Task to carry out:
Lines containing "measured": state how many there are in these entries, and write only that number.

Supplied material:
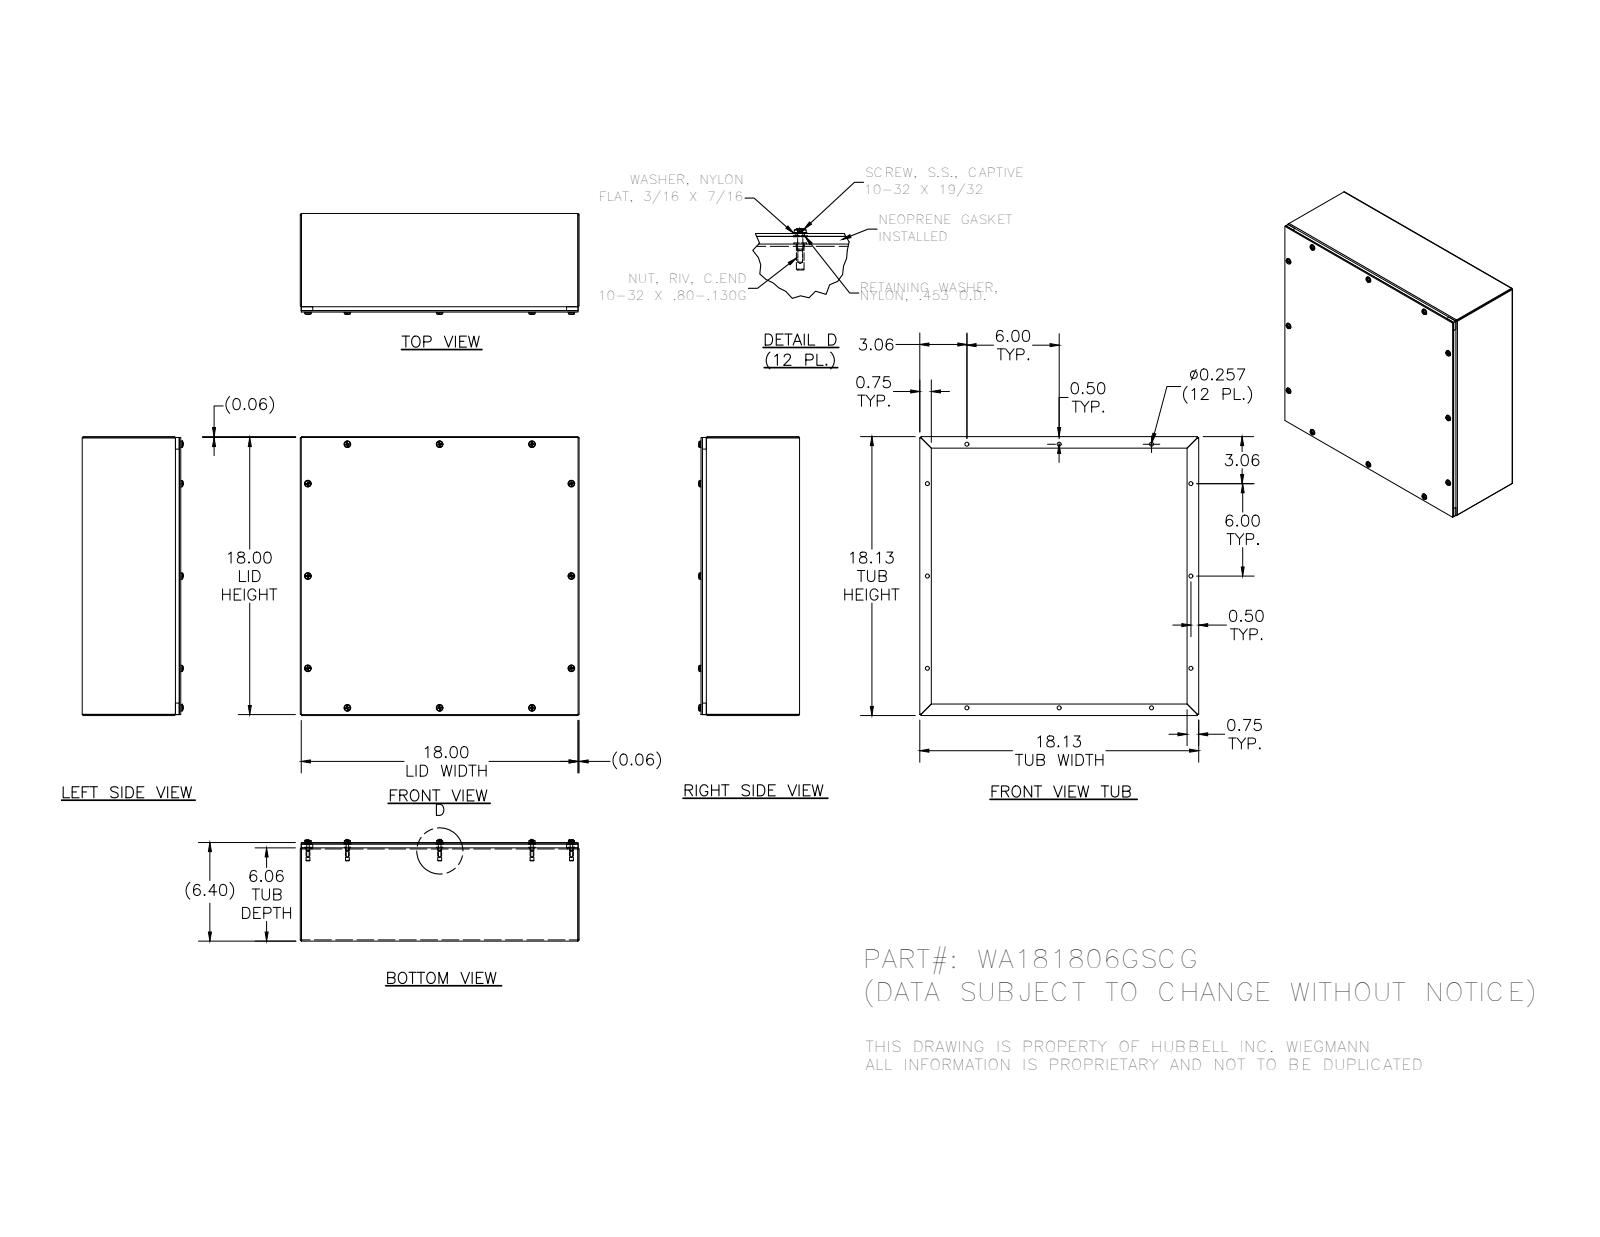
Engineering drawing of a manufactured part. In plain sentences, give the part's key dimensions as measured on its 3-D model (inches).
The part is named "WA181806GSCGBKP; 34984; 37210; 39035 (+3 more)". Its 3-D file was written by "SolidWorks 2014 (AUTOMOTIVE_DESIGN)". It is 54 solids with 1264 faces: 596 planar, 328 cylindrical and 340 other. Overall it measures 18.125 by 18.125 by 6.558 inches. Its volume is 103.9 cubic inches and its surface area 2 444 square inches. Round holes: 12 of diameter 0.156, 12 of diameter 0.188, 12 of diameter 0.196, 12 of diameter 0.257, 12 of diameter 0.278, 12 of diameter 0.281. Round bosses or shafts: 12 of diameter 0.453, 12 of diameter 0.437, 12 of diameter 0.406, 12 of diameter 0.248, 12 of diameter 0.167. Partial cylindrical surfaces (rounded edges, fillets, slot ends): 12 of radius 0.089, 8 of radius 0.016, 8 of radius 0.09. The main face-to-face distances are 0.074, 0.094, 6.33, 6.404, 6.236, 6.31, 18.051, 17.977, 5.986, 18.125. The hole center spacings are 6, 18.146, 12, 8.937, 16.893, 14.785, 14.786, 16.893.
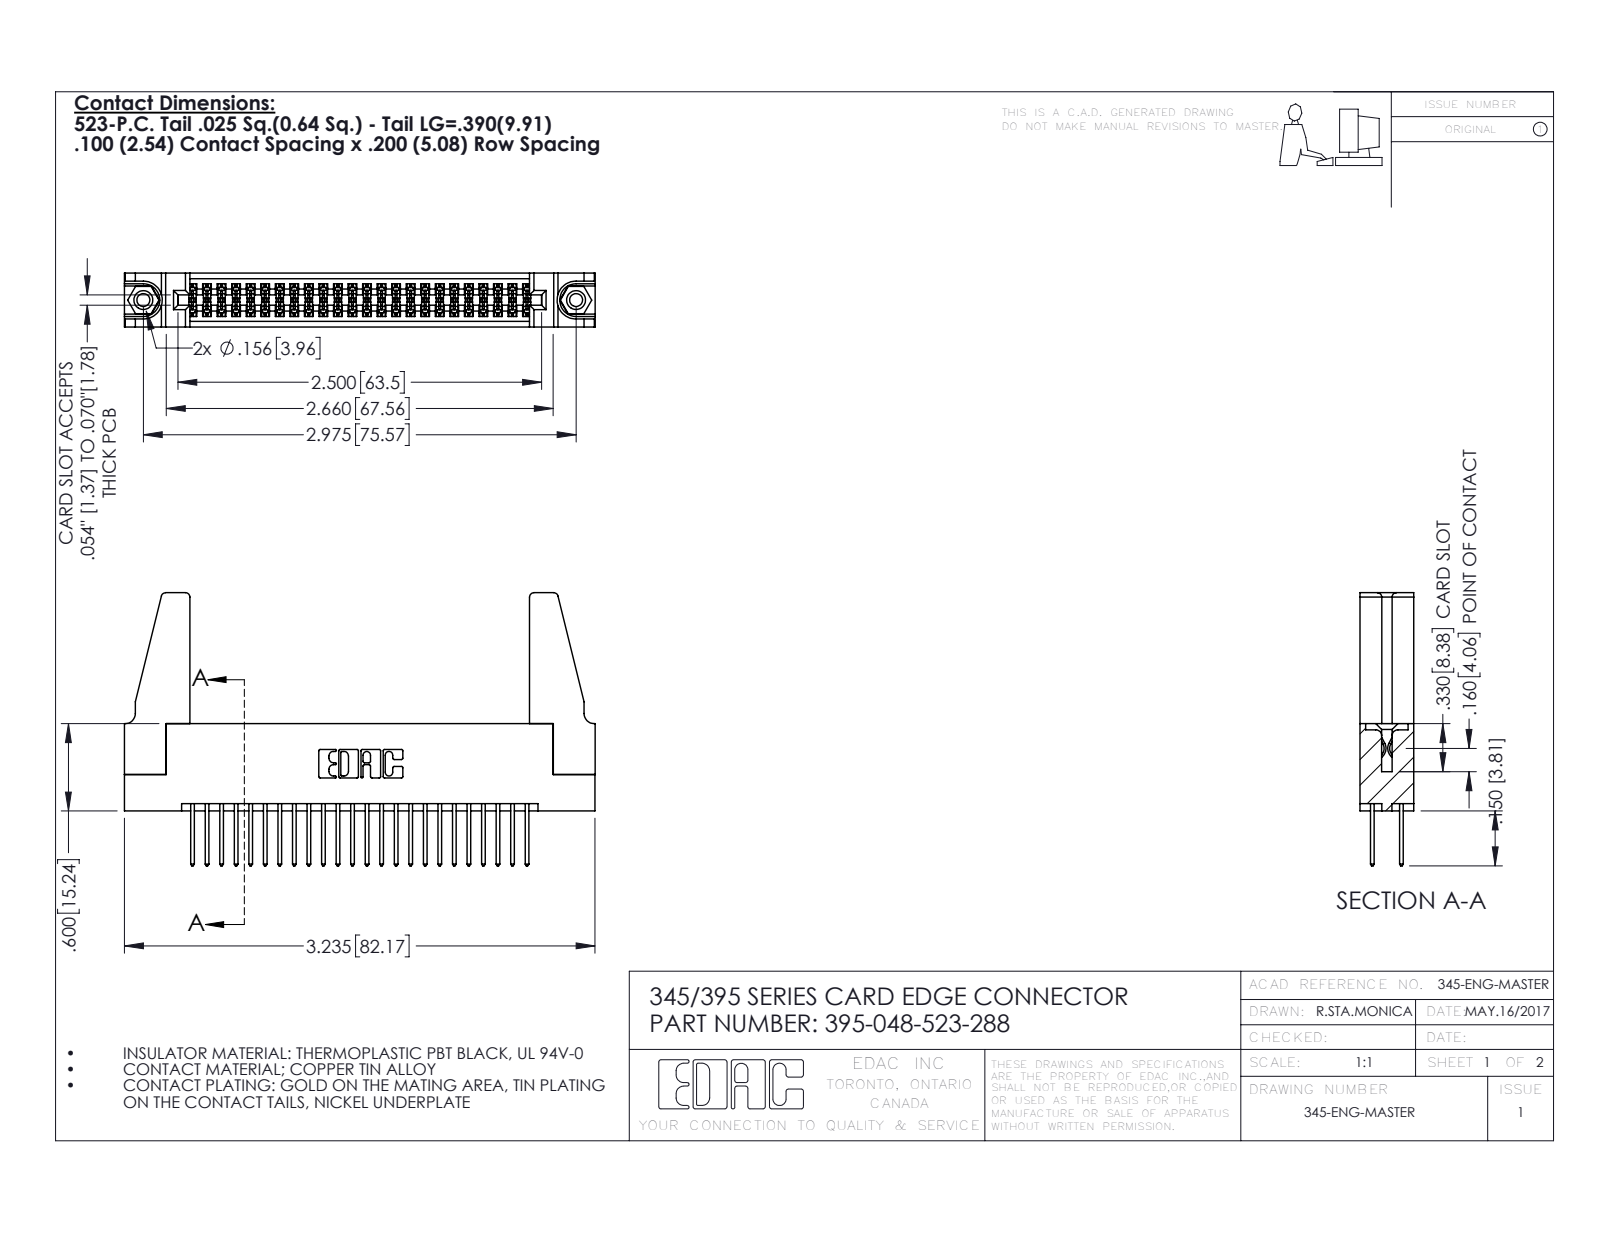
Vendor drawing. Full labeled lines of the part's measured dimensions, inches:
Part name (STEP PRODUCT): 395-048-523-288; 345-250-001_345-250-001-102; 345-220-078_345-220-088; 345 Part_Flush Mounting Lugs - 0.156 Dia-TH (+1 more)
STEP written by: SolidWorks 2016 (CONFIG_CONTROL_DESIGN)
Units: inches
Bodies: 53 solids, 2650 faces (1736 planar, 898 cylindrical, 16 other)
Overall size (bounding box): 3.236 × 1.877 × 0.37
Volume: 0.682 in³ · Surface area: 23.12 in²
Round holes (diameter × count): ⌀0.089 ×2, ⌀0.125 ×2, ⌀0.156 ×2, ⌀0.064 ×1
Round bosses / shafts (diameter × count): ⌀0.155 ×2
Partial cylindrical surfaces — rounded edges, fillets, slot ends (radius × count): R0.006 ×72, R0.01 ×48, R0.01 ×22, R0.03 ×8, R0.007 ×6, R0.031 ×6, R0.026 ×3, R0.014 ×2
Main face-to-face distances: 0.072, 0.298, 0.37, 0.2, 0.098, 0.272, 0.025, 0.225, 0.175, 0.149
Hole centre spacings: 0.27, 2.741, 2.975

==

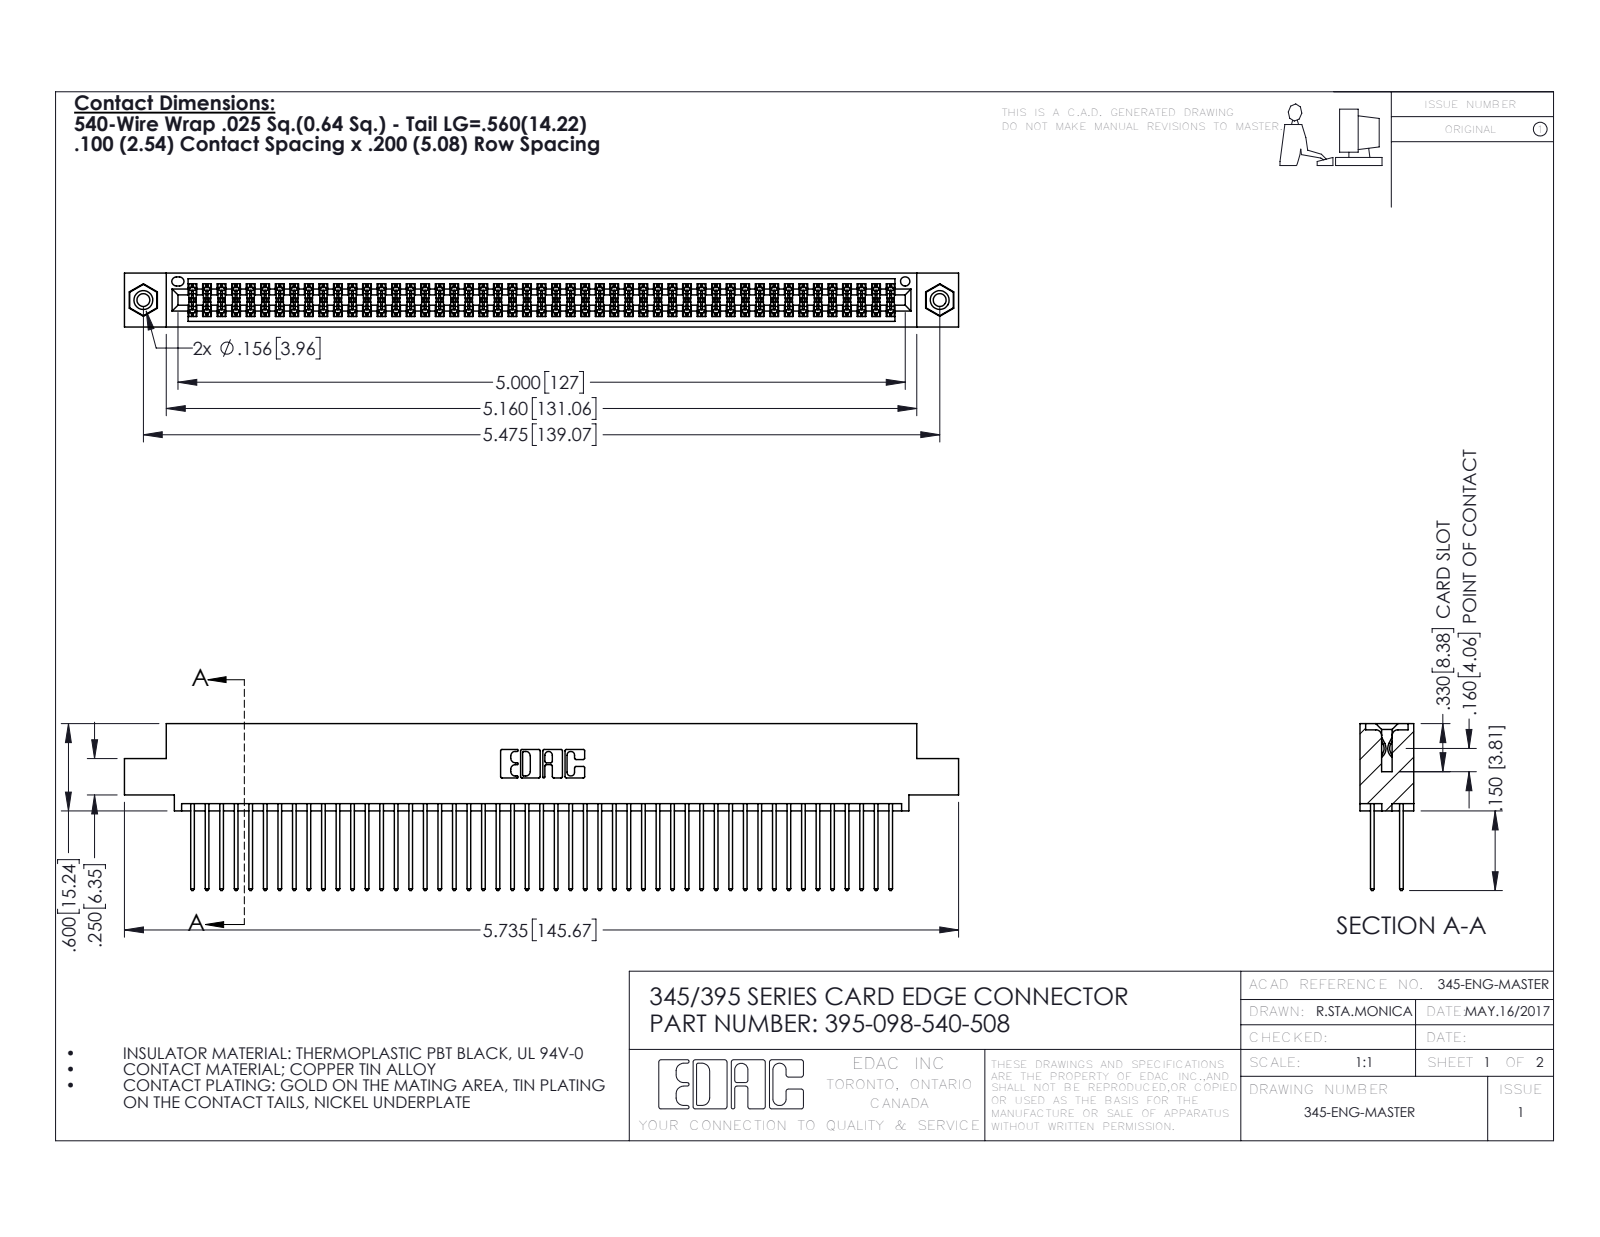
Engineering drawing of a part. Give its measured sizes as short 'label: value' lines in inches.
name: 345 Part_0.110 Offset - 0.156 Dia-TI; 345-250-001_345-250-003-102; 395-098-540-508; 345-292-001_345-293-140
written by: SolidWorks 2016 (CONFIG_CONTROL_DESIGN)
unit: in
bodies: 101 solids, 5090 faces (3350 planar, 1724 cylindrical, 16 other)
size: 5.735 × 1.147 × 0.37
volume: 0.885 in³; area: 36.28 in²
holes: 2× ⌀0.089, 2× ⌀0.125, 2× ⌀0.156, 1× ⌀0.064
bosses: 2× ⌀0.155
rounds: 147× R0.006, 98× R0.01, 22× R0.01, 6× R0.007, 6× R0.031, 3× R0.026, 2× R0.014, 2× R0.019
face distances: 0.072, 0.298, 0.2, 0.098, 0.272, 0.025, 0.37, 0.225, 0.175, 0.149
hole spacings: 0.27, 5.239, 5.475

==

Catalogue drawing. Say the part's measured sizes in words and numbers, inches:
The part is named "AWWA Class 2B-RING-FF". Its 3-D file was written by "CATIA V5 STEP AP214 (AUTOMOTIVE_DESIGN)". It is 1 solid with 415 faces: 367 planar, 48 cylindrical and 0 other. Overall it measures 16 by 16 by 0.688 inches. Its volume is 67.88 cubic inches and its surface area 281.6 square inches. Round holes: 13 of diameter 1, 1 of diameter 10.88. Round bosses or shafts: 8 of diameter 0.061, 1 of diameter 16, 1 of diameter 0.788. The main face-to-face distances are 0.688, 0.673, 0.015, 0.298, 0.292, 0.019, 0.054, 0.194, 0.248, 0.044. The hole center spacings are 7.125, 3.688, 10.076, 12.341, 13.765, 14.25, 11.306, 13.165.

Exercise answer:
4